JOINs are evil, part II

It’s odd that I’m suddenly seeing this advice everywhere. Ten years ago, when I was learning about databases, I never heard anyone suggest that JOINs are evil:

#4: Avoid joins

As your tables get bigger and bigger joins cannot be done in memory and spill over to disk. Once that happens your performance is gone. For smaller tables it doesn’t matter but as tables get bigger avoid joining when you can. Try using unions, subselects, or denormalization instead. If you have two big tables that are 1-to-1 that you are joining a lot combine them into one wide table.

4 Responses to “JOINs are evil, part II”

  1. Nicolas Martin Says:

    I’m currently experiencing a ‘Join best avoided’ development, and yes this suggestion feels strange, but it becomes natural when working with huge datasets.

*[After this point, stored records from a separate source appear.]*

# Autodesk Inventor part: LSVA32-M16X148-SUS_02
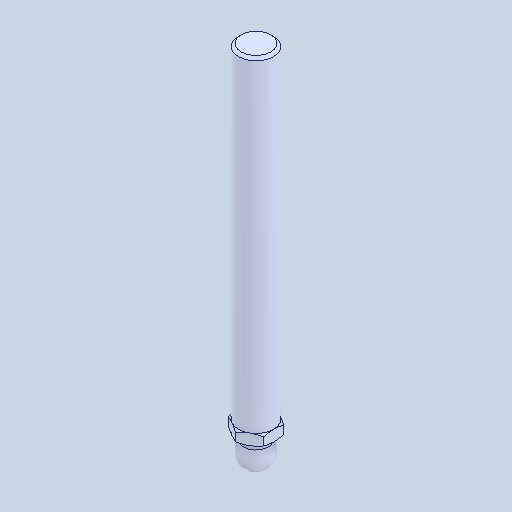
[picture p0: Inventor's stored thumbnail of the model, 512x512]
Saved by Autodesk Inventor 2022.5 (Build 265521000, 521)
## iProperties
Created: 2024-08
Part Number: LSVA32-M16X148-SUS_02
Material: 一般
Document SubType Name: Modeling
Designer: ImaoCorp
Density: 1 g/cm^3
Appearance: 既定
Author: ImaoCorp
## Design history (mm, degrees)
feature "LSVA32-M16X148-SUS_02"
node "ソリッド1"
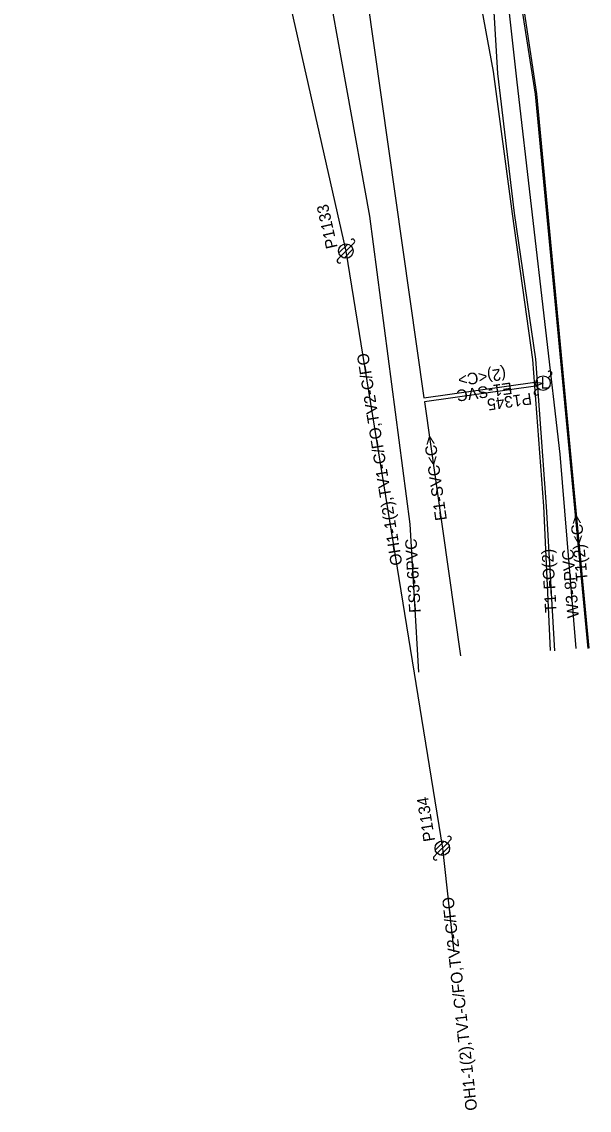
# Model space of a CAD drawing. Extents: x 2336688 to 2352634, y 362473 to 369571.
# Drawn here: x 2346765.4 to 2346960.9, y 366541.2 to 366916.1 of the extents above; entities that cross this region are included whole.
import ezdxf

# ---------------------------------------------------------------- set-up
doc = ezdxf.new("R2010")
doc.units = 0
for name, color, linetype in [('RD_EX_DV_Prop', 7, 'Continuous'), ('RD_EX_DV_TX_Prop', 7, 'Continuous'), ('RD_EX_RW', 7, 'Continuous'), ('RD_EX_RW_TX', 7, 'Continuous'), ('RD_HC_Data_Tic', 7, 'Continuous'), ('RD_PD_CstnLmt', 7, 'Continuous'), ('RD_PD_Final_TrvlWay', 7, 'Continuous'), ('RD_PD_PatLn4', 7, 'Continuous'), ('RD_SHT_ShtClip', 7, 'Continuous'), ('RD_Sketch1', 7, 'Continuous'), ('RD_Sketch2', 7, 'Continuous'), ('RD_Sketch5', 7, 'Continuous')]:
    doc.layers.add(name, color=color, linetype=linetype)

msp = doc.modelspace()

# ---------------------------------------------------------------- linework, layer by layer
at = {"layer": 'RD_EX_RW_TX'}
for points in [[(2346960.84, 366700.32), (2346942.78, 366891.31), (2346933.69, 366952.5), (2346898, 367161.71), (2346898.36, 367165.45)], [(2346897.18, 367161.87), (2346932.76, 366952.15), (2346942.29, 366891.15), (2346960.4, 366700.28)], [(2346918.58, 366948.75), (2346927.75, 366898.93), (2346934.33, 366849.92), (2346941.31, 366799.82), (2346945.16, 366749.26), (2346947.38, 366699.52)], [(2346949.01, 366699.45), (2346946.14, 366749.2), (2346942.44, 366799.91), (2346935.08, 366850.14), (2346929.43, 366898.3), (2346926.24, 366950.27)]]:
    msp.add_lwpolyline(points, dxfattribs=at)
at = {"layer": 'RD_HC_Data_Tic'}
for p, q in [((2346874.64, 366836.47), (2346877.71, 366839.53)), ((2346875.29, 366835.35), (2346878.83, 366838.88)), ((2346878.83, 366838.88), (2346879.89, 366839.94)), ((2346874.23, 366834.29), (2346875.29, 366835.35)), ((2346876.41, 366834.7), (2346879.47, 366837.76)), ((2346946.73, 366793.42), (2346947.79, 366794.48)), ((2346942.13, 366788.82), (2346943.2, 366789.89)), ((2346907.86, 366630.84), (2346910.93, 366633.9)), ((2346908.51, 366629.72), (2346912.05, 366633.25)), ((2346912.05, 366633.25), (2346913.11, 366634.31)), ((2346907.45, 366628.65), (2346908.51, 366629.72)), ((2346909.63, 366629.07), (2346912.69, 366632.13))]:
    msp.add_line(p, q, dxfattribs=at)
for centre in [(2346877.06, 366837.12), (2346944.96, 366791.65), (2346910.28, 366631.48)]:
    msp.add_circle(centre, 2.5, dxfattribs=at)
for centre, start, end in [((2346879.36, 366840.47), 315, 135), ((2346874.76, 366833.76), 135, 315), ((2346947.26, 366795.01), 315, 135), ((2346942.66, 366788.29), 135, 315), ((2346912.58, 366634.84), 315, 135), ((2346907.98, 366628.12), 135, 315)]:
    msp.add_arc(centre, 0.75, start, end, dxfattribs=at)
at = {"layer": 'RD_PD_Final_TrvlWay'}
msp.add_lwpolyline([(2346809.48, 367136.35), (2346814.29, 367128.92), (2346821.6, 367129.86), (2346874.93, 366991.01), (2346881.39, 366945.36), (2346881.77, 366943.7), (2346881.86, 366942.04), (2346903.9, 366786.54), (2346942.12, 366791.96), (2346944.96, 366791.65), (2346942.32, 366790.57), (2346904.1, 366785.15), (2346916.49, 366697.73)], dxfattribs=at)
at = {"layer": 'RD_SHT_ShtClip'}
for p, q in [((2346809.48, 367136.35), (2346877.06, 366837.12)), ((2346877.06, 366837.12), (2346910.28, 366631.48)), ((2346910.28, 366631.48), (2346914.26, 366595.74))]:
    msp.add_line(p, q, dxfattribs=at)
at = {"layer": 'RD_Sketch2'}
msp.add_lwpolyline([(2346907.18, 367191.36), (2346873.77, 367179.55), (2346874.94, 367172.89), (2346883.31, 367148.26), (2346906.9, 367059.09), (2346929.73, 366951.1), (2346935.93, 366895.33), (2346950.72, 366767.23), (2346956.21, 366700.28)], dxfattribs=at)
at = {"layer": 'RD_Sketch5'}
msp.add_lwpolyline([(2346765.39, 367271.81), (2346776.02, 367241.77), (2346794.17, 367204.89), (2346798.54, 367192.2), (2346810.66, 367155.29), (2346821.32, 367118.37), (2346834.62, 367075.46), (2346843.34, 367041.99), (2346854.83, 366998.67), (2346869.3, 366936.93), (2346885.2, 366849.09), (2346899.13, 366743.03), (2346902.03, 366692.09)], dxfattribs=at)

# ---------------------------------------------------------------- texts
at = {"layer": 'RD_EX_DV_Prop'}
for s, rotation, p in [('(2)<C>', 188.0663, (2346931.95, 366796.88)), ('E1-SVC', 188.0663, (2346934.03, 366791.92)), ('E1-SVC<C>', 98.0663, (2346911.87, 366744.57))]:
    msp.add_text(s, height=4, rotation=rotation, dxfattribs=at).set_placement(p)
at = {"layer": 'RD_EX_DV_TX_Prop'}
for s, rotation, p in [('P1133', 102.726, (2346874.22, 366838.44)), ('P1345', 188.0663, (2346940.79, 366788.31)), ('P1134', 99.1766, (2346907.82, 366634.09))]:
    msp.add_text(s, height=4, rotation=rotation, dxfattribs=at).set_placement(p)
at = {"layer": 'RD_EX_RW'}
for s, rotation, p in [('T1(2)<C>', 95.4019, (2346960.39, 366723.62)), ('T1-FO(2)', 93.3022, (2346949.68, 366712.71))]:
    msp.add_text(s, height=4, rotation=rotation, dxfattribs=at).set_placement(p)
at = {"layer": 'RD_HC_Data_Tic'}
msp.add_text('L', height=4, rotation=360, dxfattribs=at).set_placement((2346944.15, 366789.72))
at = {"layer": 'RD_PD_CstnLmt'}
msp.add_text('W3-8PVC', height=4, rotation=94.6909, dxfattribs=at).set_placement((2346957.35, 366710.89))
at = {"layer": 'RD_PD_PatLn4'}
for rotation, p in [(99.1766, (2346896.53, 366729.16)), (96.3495, (2346922.32, 366541.31))]:
    msp.add_text('OH1-1(2),TV1-C/FO,TV2-C/FO', height=4, rotation=rotation, dxfattribs=at).set_placement(p)
at = {"layer": 'RD_Sketch1'}
msp.add_text('FS3-6PVC', height=4, rotation=93.2578, dxfattribs=at).set_placement((2346902.86, 366712.67))

doc.saveas('drawing.dxf')

    For some years now, frameworks and ‘write no SQL’ abstraction tools have been massively adopted. I think it has contributed at some laziness and shortcuts for database developments in general. What is good for a ‘2 lines of Ruby’ blog is not appropriate for a big scale app !

  2. lawrence Says:

    Working with the Symfony framework, and the Propel ORM, I’ve learned the best way to handle JOINs is to use database views. You can add the view to the Symfony schema, and then generate model classes, at which point Symfony/Propel treat the view as if it is an actual table (for selects) and you’ve got a set of classes that can get the data for you, through the ORM.

  3. Nicolas Martin Says:

    Yes, but views are applicable since all data are hosted on the same node.
    The idea behind avoiding joins is to come over cross-server joins, which are not possible in MySQL.

  4. lawrence Says:

    Ah, I see. Thanks for sharing that. My knowledge is far too concentrated on MySql, with all its limits.